Sobre la fija, ya tradicional manipulación del pensamiento bolivariano, tan variada como los turnos políticos, se agrega en estos días, un burdo enfoque populachero, según el cual, como Bolívar era de carne, hueso y barrio, léase, comía, sudaba, fornicaba y pasaba mucho trabajo, fue por lógica un venezolano del montón marginal, que se volvió dios y sus presuntos voceros van por idéntica senda.

Resulta peor este supuesto remedio de la verdadera enfermedad. Porque si es normal que los pueblos inventen sin cesar sus mitos y líderes, ya que sobre ese proceso de fabulación eterna construyen sus culturas nacionales, igualmente cierto es que las revoluciones politiqueras, dispuestas a liquidar toda espontánea fantasía colectiva, acaban pintando un nuevo, interesado retrato particular del héroe. Y en esta ocasión venden un Bolívar de su demagogia, tan o más desvirtuado que el de sus adversarios.

Para entender al Simón humano y su circunstancia hay una opción talmúdica y clásica, sin duda muy irritante para la dirigencia y actuales candidatos. Y consiste en practicar una lectura de doble dimensión. Así, usted lee con cuidado el ideario social, pedagógico, económico y en conjunto, el diseño programático de Bolívar. A medida que lee, va ilustrando cada concepto de hace 180 años, con su respectiva imagen visual, extraida de la moderna Venezuela, la de sus líderes ignorantes y erráticos. Entonces, la vigencia de Bolívar es directamente proporcional a su inconveniencia.

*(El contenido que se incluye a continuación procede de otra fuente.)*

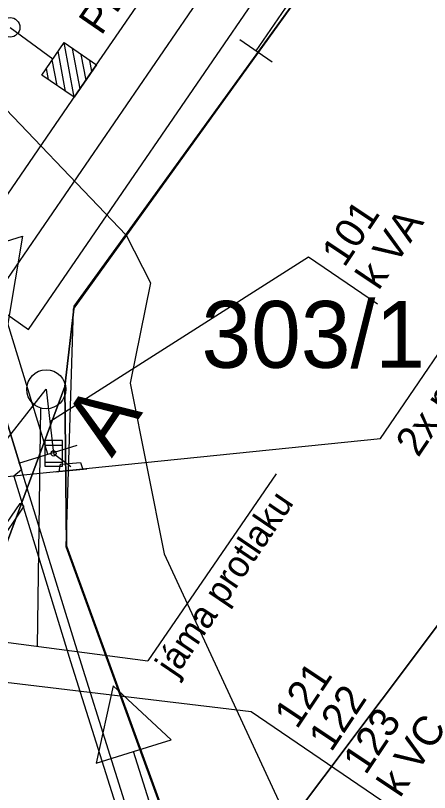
# Model space of a CAD drawing. Extents: x -558199 to -558019, y -1073463 to -1073248.
# Drawn here: x -558136.35 to -558125.81, y -1073413.56 to -1073393.79 of the extents above; entities that cross this region are included whole.
import ezdxf

# ---------------------------------------------------------------- set-up
doc = ezdxf.new("R2010")
doc.units = 0
for name, color, linetype in [('Default', 7, 'Continuous'), ('El2015-Svršek - součást', 7, 'Continuous'), ('El2015-Zabzař nadzemní', 7, 'Continuous'), ('GasNet', 7, 'Continuous'), ('Kolej', 7, 'Continuous'), ('Komunikace', 7, 'Continuous'), ('Nová kabelizace', 7, 'Continuous'), ('nové prvky ZZ', 7, 'Continuous'), ('Návěst místo trati', 7, 'Continuous'), ('Plot - zábradlí', 7, 'Continuous'), ('PS01_PS02_nové prvky ZZ', 7, 'Continuous'), ('Přejezd - štěrkové lože', 7, 'Continuous'), ('Svazek obcí údolí Desné', 7, 'Continuous'), ('Svazek obcí-zabezpečovací_nadzemní', 7, 'Continuous'), ('Vrstva 15', 7, 'Continuous'), ('Vrstva 18', 7, 'Continuous'), ('zab zař nové popis a prvky', 7, 'Continuous')]:
    doc.layers.add(name, color=color, linetype=linetype)

msp = doc.modelspace()

# ---------------------------------------------------------------- linework, layer by layer
at = {"layer": 'Default'}
msp.add_line((-558129.715, -1073405.451), (-558132.976, -1073410.212), dxfattribs=at)
msp.add_lwpolyline([(-558130.328, -1073420.145), (-558131.489, -1073419.211), (-558132.265, -1073417.928), (-558133.167, -1073415.078), (-558134.705, -1073410.166), (-558136.19, -1073405.354), (-558137.19, -1073402.13), (-558138.301, -1073398.037), (-558138.619, -1073396.923), (-558140.033, -1073392.586), (-558141.446, -1073388.086), (-558141.737, -1073387.169), (-558144.083, -1073379.873)], dxfattribs=at)
at = {"layer": 'El2015-Svršek - součást'}
for p, q in [((-558134.852, -1073395.872), (-558135.11, -1073394.482)), ((-558134.702, -1073395.654), (-558134.892, -1073394.632)), ((-558135.07, -1073395.722), (-558135.26, -1073394.7)), ((-558134.551, -1073395.435), (-558134.673, -1073394.782)), ((-558135.289, -1073395.572), (-558135.41, -1073394.919)), ((-558134.401, -1073395.216), (-558134.454, -1073394.932)), ((-558135.507, -1073395.422), (-558135.56, -1073395.138))]:
    msp.add_line(p, q, dxfattribs=at)
msp.add_lwpolyline([(-558135.676, -1073395.306), (-558135.11, -1073394.482), (-558134.286, -1073395.048), (-558134.852, -1073395.872)], close=True, dxfattribs=at)
at = {"layer": 'El2015-Zabzař nadzemní'}
msp.add_circle((-558136.485, -1073394.093), 0.25, dxfattribs=at)
at = {"layer": 'GasNet'}
msp.add_lwpolyline([(-558154.956, -1073358.252), (-558154.85, -1073358.61), (-558153.29, -1073363.26), (-558150.04, -1073372.31), (-558146.13, -1073372.89), (-558143.51, -1073381.67), (-558141.19, -1073387.87), (-558138.86, -1073392.55), (-558137.31, -1073395.43), (-558133.53, -1073399.38), (-558132.91, -1073400.59), (-558133.43, -1073403.15), (-558132.56, -1073407.49), (-558129.22, -1073414.7), (-558126.32, -1073420.06)], dxfattribs=at)
at = {"layer": 'Kolej'}
msp.add_lwpolyline([(-558166.192, -1073441.436), (-558164.779, -1073439.38), (-558155.66, -1073426.127), (-558147.216, -1073413.854), (-558143.692, -1073408.727), (-558141.06, -1073404.904), (-558137.302, -1073399.438), (-558134.569, -1073395.461), (-558131.717, -1073391.307), (-558124.893, -1073381.375), (-558115.4, -1073367.564), (-558109.636, -1073359.184)], dxfattribs=at)
at = {"layer": 'Komunikace'}
for points in [[(-558107.659, -1073360.546), (-558114.342, -1073368.192), (-558123.867, -1073381.998), (-558130.695, -1073391.932), (-558136.982, -1073401.101), (-558136.018, -1073401.785), (-558129.729, -1073392.612), (-558122.956, -1073382.764), (-558113.3, -1073368.807), (-558106.77, -1073361.159)], [(-558134.582, -1073423.154), (-558136.753, -1073416.165), (-558138.246, -1073411.366), (-558139.293, -1073408.016), (-558139.888, -1073406.031), (-558138.651, -1073404.246), (-558137.19, -1073402.13), (-558136.19, -1073405.354), (-558136.385, -1073405.515), (-558134.943, -1073410.228), (-558133.406, -1073415.122), (-558132.477, -1073418.012), (-558131.667, -1073419.37), (-558130.464, -1073420.348)], [(-558130.328, -1073420.145), (-558131.489, -1073419.211), (-558132.265, -1073417.928), (-558133.167, -1073415.078), (-558134.705, -1073410.166), (-558136.19, -1073405.354)], [(-558132.744, -1073414.431), (-558133.34, -1073412.522), (-558132.385, -1073412.224), (-558133.86, -1073410.851), (-558134.294, -1073412.82), (-558133.34, -1073412.522)]]:
    msp.add_lwpolyline(points, dxfattribs=at)
at = {"layer": 'Nová kabelizace'}
msp.add_lwpolyline([(-558145.224, -1073405.842), (-558140.251, -1073409.265), (-558135.564, -1073403.303), (-558135.378, -1073404.935)], dxfattribs=at)
at = {"layer": 'nové prvky ZZ'}
for p, q in [((-558135.378, -1073404.935), (-558134.942, -1073405.27)), ((-558135.331, -1073405.403), (-558134.534, -1073405.331)), ((-558136.235, -1073406.21), (-558139.648, -1073411.145)), ((-558136.135, -1073406.278), (-558139.483, -1073411.258)), ((-558136.135, -1073406.278), (-558136.235, -1073406.21))]:
    msp.add_line(p, q, dxfattribs=at)
for points in [[(-558135.603, -1073404.61), (-558135.603, -1073405.26), (-558135.153, -1073405.26), (-558135.153, -1073404.61)], [(-558135.603, -1073404.735), (-558135.603, -1073405.16), (-558135.153, -1073405.16), (-558135.153, -1073404.735)], [(-558135.232, -1073405.394), (-558135.203, -1073405.211), (-558134.695, -1073405.165), (-558134.634, -1073405.34)]]:
    msp.add_lwpolyline(points, close=True, dxfattribs=at)
msp.add_circle((-558135.378, -1073404.935), 0.0675, dxfattribs=at)
msp.add_circle((-558135.378, -1073404.935), 0.0675, dxfattribs=at)
msp.add_circle((-558135.378, -1073404.935), 0.0675, dxfattribs=at)
at = {"layer": 'Návěst místo trati'}
for p, q in [((-558128.526, -1073392.214), (-558130.225, -1073394.686)), ((-558130.637, -1073394.403), (-558129.813, -1073394.969))]:
    msp.add_line(p, q, dxfattribs=at)
at = {"layer": 'Plot - zábradlí'}
for points in [[(-558134.866, -1073401.264), (-558123.308, -1073385.212), (-558113.281, -1073375.056), (-558109.254, -1073378.581)], [(-558130.927, -1073418.673), (-558135.055, -1073407.314), (-558134.866, -1073401.264)]]:
    msp.add_lwpolyline(points, dxfattribs=at)
at = {"layer": 'Přejezd - štěrkové lože'}
msp.add_line((-558136.264, -1073405.18), (-558134.775, -1073404.727), dxfattribs=at)
msp.add_line((-558136.264, -1073405.18), (-558134.775, -1073404.727), dxfattribs=at)
msp.add_lwpolyline([(-558135.52, -1073404.953), (-558136.542, -1073401.63), (-558138.075, -1073400.003), (-558136.167, -1073399.41), (-558136.542, -1073401.63)], dxfattribs=at)
msp.add_lwpolyline([(-558135.52, -1073404.953), (-558136.542, -1073401.63), (-558138.075, -1073400.003), (-558136.167, -1073399.41), (-558136.542, -1073401.63)], dxfattribs=at)
at = {"layer": 'Svazek obcí údolí Desné'}
msp.add_lwpolyline([(-558100.193, -1073365.689), (-558100.88, -1073366.68), (-558101.24, -1073366.41), (-558106.08, -1073373.34), (-558109.37, -1073371.06), (-558120.48, -1073382.36), (-558123.3, -1073385.22), (-558134.85, -1073401.19), (-558135.09, -1073403.23), (-558138.47, -1073412.32), (-558161.279, -1073444.82)], dxfattribs=at)
msp.add_lwpolyline([(-558135.09, -1073403.23), (-558134.85, -1073401.19), (-558123.3, -1073385.22), (-558120.48, -1073382.36), (-558110.68, -1073389.44), (-558131.47, -1073417.12), (-558135.05, -1073407.29)], close=True, dxfattribs=at)
at = {"layer": 'Svazek obcí-zabezpečovací_nadzemní'}
msp.add_line((-558136.485, -1073394.093), (-558135.393, -1073394.894), dxfattribs=at)
at = {"layer": 'Vrstva 15'}
msp.add_lwpolyline([(-558100.193, -1073365.689), (-558100.88, -1073366.68), (-558101.24, -1073366.41), (-558106.08, -1073373.34), (-558109.37, -1073371.06), (-558120.48, -1073382.36), (-558123.3, -1073385.22), (-558134.85, -1073401.19), (-558135.09, -1073403.23), (-558138.47, -1073412.32), (-558161.279, -1073444.82)], dxfattribs=at)
for points in [[(-558135.09, -1073403.23), (-558134.85, -1073401.19), (-558123.3, -1073385.22), (-558120.48, -1073382.36), (-558110.68, -1073389.44), (-558131.47, -1073417.12), (-558135.05, -1073407.29)], [(-558110.24, -1073388.85), (-558106.42, -1073391.52), (-558126.94, -1073419.09), (-558130.91, -1073418.65), (-558131.47, -1073417.12), (-558110.68, -1073389.44)], [(-558138.47, -1073412.32), (-558135.09, -1073403.23), (-558135.05, -1073407.29), (-558131.47, -1073417.12), (-558130.91, -1073418.65), (-558126.8, -1073426.64), (-558129.35, -1073429.91), (-558131.5, -1073432.67), (-558132.91, -1073428.56)]]:
    msp.add_lwpolyline(points, close=True, dxfattribs=at)
at = {"layer": 'zab zař nové popis a prvky'}
for p, q in [((-558127.057, -1073404.553), (-558117.656, -1073390.755)), ((-558135.471, -1073404.119), (-558128.886, -1073399.932)), ((-558128.886, -1073399.932), (-558127.134, -1073401.125)), ((-558137.377, -1073405.609), (-558127.057, -1073404.553)), ((-558139.991, -1073410.353), (-558130.352, -1073411.501)), ((-558130.352, -1073411.501), (-558126.649, -1073414.025))]:
    msp.add_line(p, q, dxfattribs=at)
for points in [[(-558135.788, -1073409.842), (-558135.701, -1073403.782)], [(-558139.755, -1073409.322), (-558132.976, -1073410.212)]]:
    msp.add_lwpolyline(points, dxfattribs=at)
msp.add_circle((-558135.564, -1073403.303), 0.498, dxfattribs=at)

# ---------------------------------------------------------------- texts
at = {"layer": 'El2015-Zabzař nadzemní'}
msp.add_text('PB8PL', height=0.75, rotation=55.5278, dxfattribs=at).set_placement((-558134.163, -1073394.321))
at = {"layer": 'PS01_PS02_nové prvky ZZ'}
msp.add_text('A', height=1.6, rotation=55.7527, dxfattribs=at).set_placement((-558133.896, -1073405.069))
at = {"layer": 'Vrstva 18'}
msp.add_text('303/1', height=1.7, dxfattribs=at).set_placement((-558131.613, -1073402.756))
at = {"layer": 'zab zař nové popis a prvky'}
for s, height, rotation, p in [('2x protlak hloubky min. 120 cm-8m', 0.75, 55.9321, (-558126.098, -1073405.057)), ('101', 0.75, 56.3059, (-558127.978, -1073400.225)), ('k VA', 0.75, 56.3059, (-558127.105, -1073400.808)), ('jáma protlaku', 0.672, 55.8269, (-558132.273, -1073410.653)), ('121', 0.75, 56.3059, (-558129.182, -1073411.976)), ('122', 0.75, 56.3059, (-558128.309, -1073412.558)), ('123', 0.75, 56.3059, (-558127.435, -1073413.141)), ('k VC', 0.75, 56.3059, (-558126.561, -1073413.723))]:
    msp.add_text(s, height=height, rotation=rotation, dxfattribs=at).set_placement(p)

doc.saveas('drawing.dxf')

Y es que fue, ciertamente, un venezolano de excepción, criollo idealista, burgués reformista liberal, europeizante hasta la médula, con un poderoso instinto revolucionario pero fóbico de nacionalismos a ultranza, (de allí La Gran Colombia), apto para tomar decisiones oportunas a nivel inmediato, pero desadaptado en su doctrina y estrategia políticas a mediano y largo alcance, debido a la ausencia de recursos humanos, el equipo gerencial que activara su concepción adelantada y previsiva, de construir una civilización republicana en medio de selvas físicas y desiertos mentales.

Sí, Bolívar es un venezolano, un continental, fuera de serie. Para comenzar, poco improvisaba. Sólo cuando fundó el ejército patriota, se impuso trabajar sobre la marcha, con lo que había, por imperiosa necesidad de la hora. Compensó esa difícil improvisación predicando el concepto de gloria moral, entre compulsivos guerreros (¿militantes?) que desconocían esa dimensión ética. Por eso su triunfo militar fue parejo a su fracaso político, el de cualquier otro profeta en su tierra. Hizo la guerra como medio necesario para construir la paz con libertad política, en mitad de un caos mental que sitúa la guerra en el supremo valor autónomo, expresión de la rutinaria violencia venezolana que sólo sabe fundar ruinas sobre el esfuerzo enemigo.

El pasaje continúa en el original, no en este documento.